The Molten Carbonate Fuel Cell (MCFC) is one of the most mature and efficient fuel cell technologies. The MCFC operates at high temperatures (580 up to 650°C), therefore, in contrast to low-temperature fuel cells, not only H2 but also H2+CO gas mixtures, natural or biogas can be used without noble metal catalyst. However, highly corrosive molten alkali carbonate electrolyte promotes degradation of the MCFC-components and limits their lifetime currently to approximately five years. Further lifetime extension is essential for a wide application of the technology and requires substantial efforts on the development of novel materials.

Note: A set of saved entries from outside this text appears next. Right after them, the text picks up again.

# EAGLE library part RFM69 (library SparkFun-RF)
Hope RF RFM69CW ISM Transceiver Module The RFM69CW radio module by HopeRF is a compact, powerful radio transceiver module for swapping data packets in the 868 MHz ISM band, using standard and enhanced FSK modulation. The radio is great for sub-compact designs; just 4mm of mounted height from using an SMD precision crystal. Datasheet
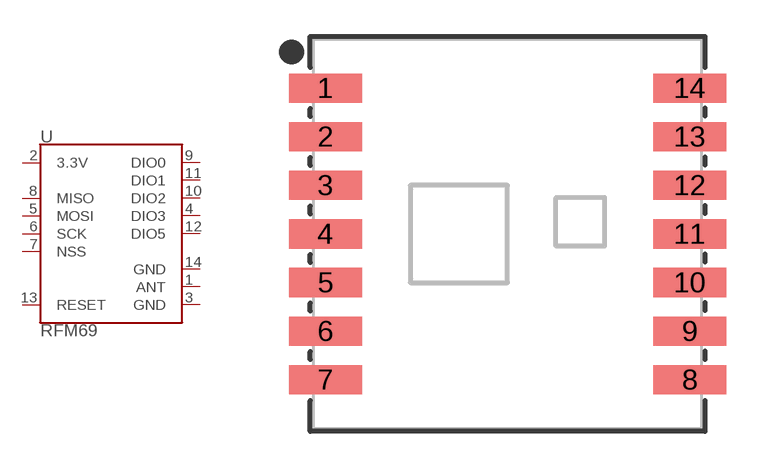
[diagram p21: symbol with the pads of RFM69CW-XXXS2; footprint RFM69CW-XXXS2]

Designator prefix U

## RFM69CW-915MHZ (PROD_ID: IC-11996; VALUE: 915MHz)  [RFM69CW-XXXS2]
1  ANT  pas
2  3.3V  pwr
3  GND  pwr
4  DIO3
5  MOSI  in
6  SCK  in
7  NSS  in
8  MISO
9  DIO0
10  DIO2
11  DIO1
12  DIO5
13  RESET  in
14  GND  pwr

## Footprint RFM69CW-XXXS2 (pad centres in mm)
Hope RF RFM69CW RF Transciever Datasheet
smd 3 x 1.2: 1 -7.5,6; 2 -7.5,4; 3 -7.5,2; 4 -7.5,0; 5 -7.5,-2; 6 -7.5,-4; 7 -7.5,-6; 8 7.5,-6; 9 7.5,-4; 10 7.5,-2; 11 7.5,0; 12 7.5,2; 13 7.5,4; 14 7.5,6
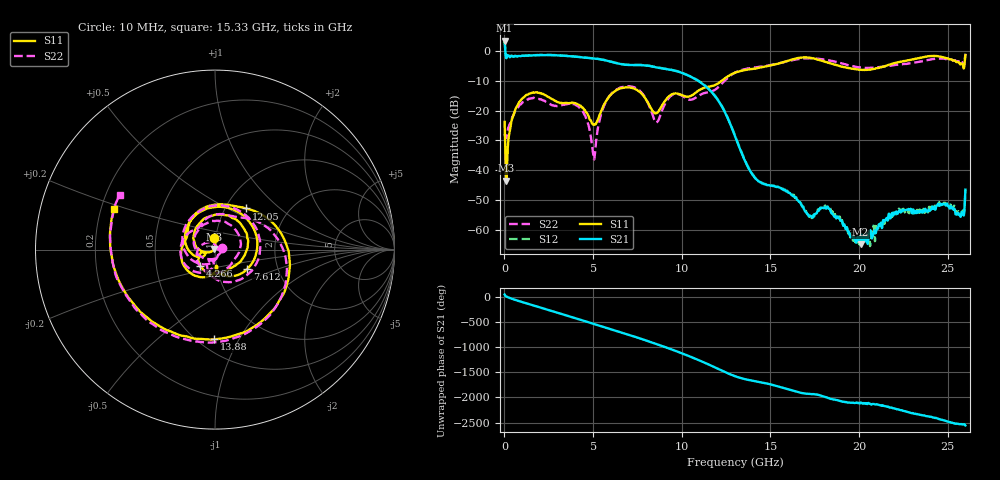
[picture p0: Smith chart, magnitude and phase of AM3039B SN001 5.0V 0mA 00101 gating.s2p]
!Agilent Technologies,E8364B,MY43040894,A.07.50.67
!Agilent E8364B: A.07.50.67
!Date: Tuesday, June 28, 2016 08:04:24
!Correction: S11(Full 2 Port(1,2))
!S21(Full 2 Port(1,2))
!S12(Full 2 Port(1,2))
!S22(Full 2 Port(1,2))
!S2P File: Measurements: S11, S21, S12, S22:
# Hz S  dB  R 50
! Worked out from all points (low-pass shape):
!   1601 points, 10 MHz to 26 GHz, reference 50 ohm
!   highest |S21| = 3.59 dB at 10 MHz (marker M1); lowest = -65.0 dB at 20.09 GHz (marker M2)
!   |S21| within 3 dB of the highest: start of sweep to 44.49 MHz
!   lowest |S11| = -43.6 dB at 107.5 MHz (marker M3), VSWR 1.01, Z = 49.5 + j0.406 ohm
!   |S11| at or under -10 dB: start of sweep to 12.24 GHz
!   |S22| runs from -36.4 to -0.8 dB; largest |S21 - S12| = 0.025
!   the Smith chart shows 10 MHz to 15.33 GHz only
!   S11 on the Smith chart (normalised r, x): 10 MHz: 0.98, +0.13; 4.266 GHz: 0.83, -0.15; 7.612 GHz: 1.39, -0.32; 12.05 GHz: 1.25, +0.62; 13.88 GHz: 0.60, -0.79; 15.33 GHz: 0.25, +0.18
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1e7  -23.78 95.3  3.59 40.5  3.65 41.4  -27.75 15.2
1.074625e8  -43.55 141.8  -2.32 3.5  -2.25 3.5  -29.14 -59.1
7.572125e8  -18.02 157.4  -1.63 -82.0  -1.58 -81.8  -18.95 174.2
1.601888e9  -13.90 71.0  -1.34 -172.6  -1.29 -172.4  -15.75 75.9
2.609e9  -15.85 -18.5  -1.28 80.6  -1.22 80.9  -17.93 -16.3
3.404944e9  -17.44 -65.7  -1.53 -4.8  -1.47 -4.6  -17.94 -69.4
4.265862e9  -18.22 -132.1  -1.97 -98.0  -1.91 -97.8  -19.27 -159.5
4.347081e9  -18.74 -140.0  -2.03 -106.9  -1.99 -106.7  -19.75 -168.8
5.744044e9  -16.62 -178.7  -3.12 97.7  -3.06 98.0  -16.75 -158.9
7.612075e9  -13.58 -31.2  -4.62 -106.5  -4.57 -106.2  -13.16 -48.6
8.684162e9  -20.25 -82.4  -5.54 124.4  -5.46 124.8  -23.27 -98.1
1.204662e10  -10.83 52.8  -16.46 7.1  -16.31 7.6  -12.15 45.2
1.3005e10  -7.21 -19.2  -28.58 -140.1  -28.39 -140.0  -7.19 -25.9
1.388216e10  -6.02 -90.5  -40.54 138.1  -40.47 137.1  -5.66 -100.1
1.532786e10  -4.35 158.3  -45.65 26.8  -45.57 26.5  -4.25 150.2
1.734208e10  -2.30 -23.2  -55.73 -136.1  -56.13 -134.5  -2.38 -15.6
2.008728e10  -6.20 118.7  -65.01 51.7  -62.38 51.9  -5.45 128.1
2.167916e10  -4.52 12.8  -54.71 -31.1  -55.32 -27.6  -4.92 18.2
2.309237e10  -2.64 -93.2  -53.73 -164.7  -53.76 -154.6  -3.85 -83.8
2.41807e10  -1.56 178.6  -52.93 117.7  -52.36 121.9  -2.60 -166.9
2.513908e10  -2.69 96.5  -52.62 30.5  -51.56 29.4  -2.76 112.7
2.6e10  -1.27 -25.0  -46.59 -37.8  -46.60 -35.4  -0.83 2.8
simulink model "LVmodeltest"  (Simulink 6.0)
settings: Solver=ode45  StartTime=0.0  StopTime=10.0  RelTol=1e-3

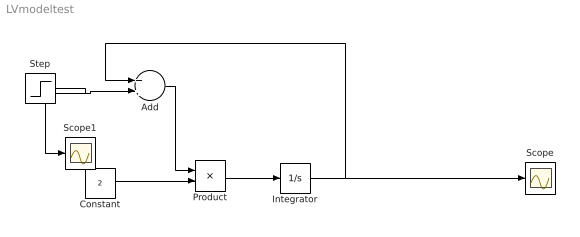
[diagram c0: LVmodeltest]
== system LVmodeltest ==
  Add : Sum  OutScaling=2^-10
  Constant : Constant  Value=2
  Integrator : Integrator
  Product : Product
  Scope : Scope
  Scope1 : Scope
  Step : Step  Time=8  Before=1  After=0  SampleTime=0
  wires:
  Integrator/1 -> Scope/1, Add/1
  Constant/1 -> Product/2
  Product/1 -> Integrator/1
  Step/1 -> Add/2, Scope1/1
  Add/1 -> Product/1
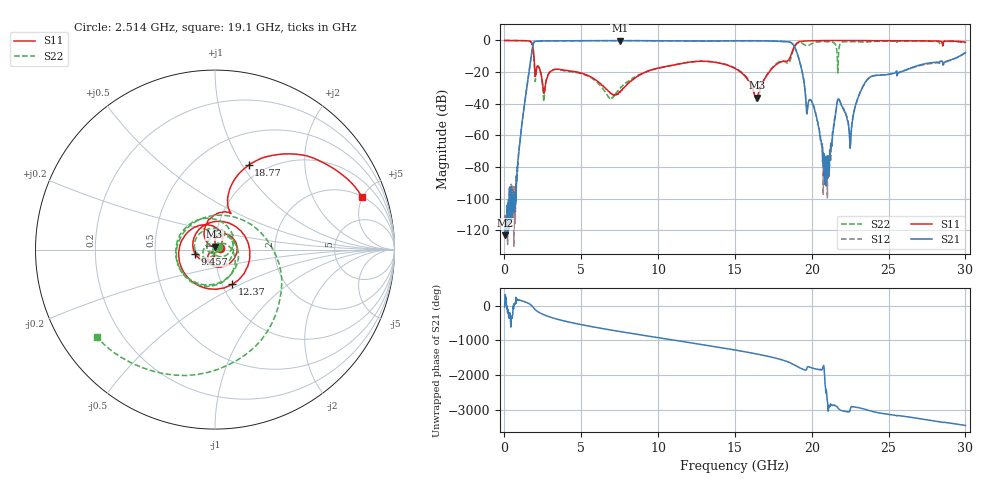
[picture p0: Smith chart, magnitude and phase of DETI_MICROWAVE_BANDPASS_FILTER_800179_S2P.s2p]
! 12/17/2019 3:59:58 PM
! \\DETI-AD\SERVEUR COMMUN\8 - PRODUITS FINIS\00\179 - BPF-SS-1200-20-2000-18000-21000-20-SF-SF\81 - PV\000 001.S2P
! CHANNEL.1
! TR.MEASUREMENT
! CORRECTED.DATA
# GHZ S RI R 50.0
! FREQ.GHZ  S11RE  S11IM  S21RE  S21IM  S12RE  S12IM  S22RE  S22IM
!; PortSelection: Port_12
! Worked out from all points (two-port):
!   2001 points, 10 MHz to 30 GHz, reference 50 ohm
!   highest |S21| = -0.10 dB at 7.508 GHz (marker M1); lowest = -123.0 dB at 25 MHz (marker M2)
!   |S21| within 3 dB of the highest: 1.853 GHz to 18.83 GHz (16.97 GHz wide, 164 % of centre)
!   lowest |S11| = -36.1 dB at 16.41 GHz (marker M3), VSWR 1.03, Z = 49.7 + j1.55 ohm
!   |S11| at or under -10 dB: 1.918 GHz to 18.62 GHz (16.7 GHz wide, 163 % of centre)
!   |S22| runs from -38.7 to 0.0 dB; largest |S21 - S12| = 0.014
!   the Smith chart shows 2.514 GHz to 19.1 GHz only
!   S11 on the Smith chart (normalised r, x): 2.514 GHz: 1.06, +0.02; 9.457 GHz: 0.80, -0.04; 12.37 GHz: 1.12, -0.45; 18.77 GHz: 0.84, +1.07; 19.1 GHz: 2.05, +4.94
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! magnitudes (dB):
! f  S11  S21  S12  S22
! 10 MHz  0.0  -122.8  -112.6  0.0
! 25 MHz  0.0  -123.0  -115.4  0.0
! 789.7 MHz  0.0  -89.3  -89.1  0.0
! 1.824 GHz  -2.9  -4.5  -4.5  -3.1
! 2.514 GHz  -30.0  -0.3  -0.3  -32.7
! 5.018 GHz  -20.7  -0.2  -0.2  -21.0
! 7.508 GHz  -32.6  -0.1  -0.1  -30.5
! 9.457 GHz  -18.9  -0.1  -0.1  -19.1
! 10.01 GHz  -17.4  -0.2  -0.2  -17.6
! 12.37 GHz  -13.3  -0.3  -0.3  -13.3
! 15.01 GHz  -17.6  -0.2  -0.2  -17.4
! 16.41 GHz  -36.1  -0.2  -0.2  -38.2
! 18.77 GHz  -5.9  -2.4  -2.4  -6.9
! 19.1 GHz  -1.2  -9.5  -9.5  -1.7
! 19.67 GHz  -0.3  -45.4  -45.5  -3.4
! 20.01 GHz  -0.2  -39.0  -38.6  -1.9
! 21 GHz  0.0  -75.9  -75.5  -0.7
! 21.74 GHz  0.0  -36.8  -36.7  -9.5
! 22.52 GHz  0.0  -66.6  -65.5  -0.7
! 23.51 GHz  -0.1  -26.1  -26.2  -0.9
! 25.01 GHz  -0.1  -21.4  -21.3  -0.4
! 30 GHz  -1.1  -7.7  -7.7  -1.4

The research of the working group “Materials MCFC”, newly-founded in frame of the Fraunhofer Attract Program, is concentrated on addressing the following problems:
- Decreasing the solubility of matrix and cathode materials and reducing the particles growth in the carbonate melt with different additions
- Investigation of the wetting behavior of molten carbonates depending on their temperature and composition
- Quantitative understanding of molten electrolyte interaction with ceramic/metallic materials during the MCFC-operation
Resolving these problems will contribute not only to extending MCFC lifetime, but also to further development of materials for high-temperature thermal and electrochemical energy storage systems, whose performance critically depends on the interaction between corrosive melt and ceramic/metallic materials.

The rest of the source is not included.